I saw an article recently that was talking about Autism charities and the types of language that they use to describe the people they support such as using the word burden or saying that they are helpless and it immediately had me thinking about this training and what we had discussed because that is an example in 2025. We believe we have come so far since Nazi Germany but some things seem to still continue through.
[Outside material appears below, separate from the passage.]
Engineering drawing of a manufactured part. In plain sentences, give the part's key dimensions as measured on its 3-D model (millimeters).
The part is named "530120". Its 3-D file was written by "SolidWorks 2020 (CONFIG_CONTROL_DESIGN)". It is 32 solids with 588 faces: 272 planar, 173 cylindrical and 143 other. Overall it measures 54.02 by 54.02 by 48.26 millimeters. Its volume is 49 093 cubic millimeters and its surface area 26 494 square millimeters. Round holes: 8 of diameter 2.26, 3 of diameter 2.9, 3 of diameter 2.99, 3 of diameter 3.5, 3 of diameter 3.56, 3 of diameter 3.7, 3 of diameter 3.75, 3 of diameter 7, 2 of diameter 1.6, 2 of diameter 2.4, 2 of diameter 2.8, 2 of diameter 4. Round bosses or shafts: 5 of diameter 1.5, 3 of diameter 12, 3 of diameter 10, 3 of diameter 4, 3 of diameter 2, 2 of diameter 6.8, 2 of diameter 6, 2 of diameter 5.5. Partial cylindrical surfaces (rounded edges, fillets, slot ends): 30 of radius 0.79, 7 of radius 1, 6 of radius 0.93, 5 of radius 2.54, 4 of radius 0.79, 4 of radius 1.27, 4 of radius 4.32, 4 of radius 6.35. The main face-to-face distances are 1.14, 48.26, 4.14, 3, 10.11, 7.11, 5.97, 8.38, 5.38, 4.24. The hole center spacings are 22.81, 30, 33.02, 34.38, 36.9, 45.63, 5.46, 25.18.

Linking back to a previous blog I wrote where I talked about the fact that everything should not come down to money, the majority of the justification for ending lives especially in Nazi Germany was financial, there was a lot of propaganda about the cost of someone with disabilities and comparing this to the cost of a “normal/typical” family. It is reducing a human down to what they can provide or how much they can bring to the economy and overlooking the fact they are a person, a human being with feelings, thoughts, opinions which should be heard. It shows how money can have such an impact on someone's perspective or their situation, this is still relevant because how many people that we work with live in poverty. Are having to make choices between feeding their families or keeping them warm. Are feeling that they cannot do enough for those they love because we are in a cost of living crisis. The additional costs or expenses that come from having a child with a disability are definitely there and can be a deciding factor for a lot of the decisions people make.
The worrying thing is that there have been suggestions made that we as a country get rid of the Human Rights Act and replace it with something else instead. What kind of impact could this potentially have on the experiences that people have if there is nothing in law to protect them. We saw in Covid the laws that were rushed through to allow blanket decisions to be made about people because of a world wide pandemic, what else could get through under the radar that would have major implications for people and their rights. Recent law changes for Trans people are an example of using law to strip people of rights.
How long is it before rights of everyone who isn't seen to be ideal are removed. How close could we potentially be to another World War. We like to think that it is far away however as I learnt on this training Germany was quite left wing and liberal less than a decade before World War 2 where they killed millions for not being what was seen by Hitler as acceptable or ideal.
I know this one is a bit heavier than a lot of my other blogs but I felt that I needed to write it because the training was so enlightening. Don't get me wrong I knew things weren't ideal in the past but I do not think I realised just how much negativity there was or how people were treated even just a couple of hundred years ago.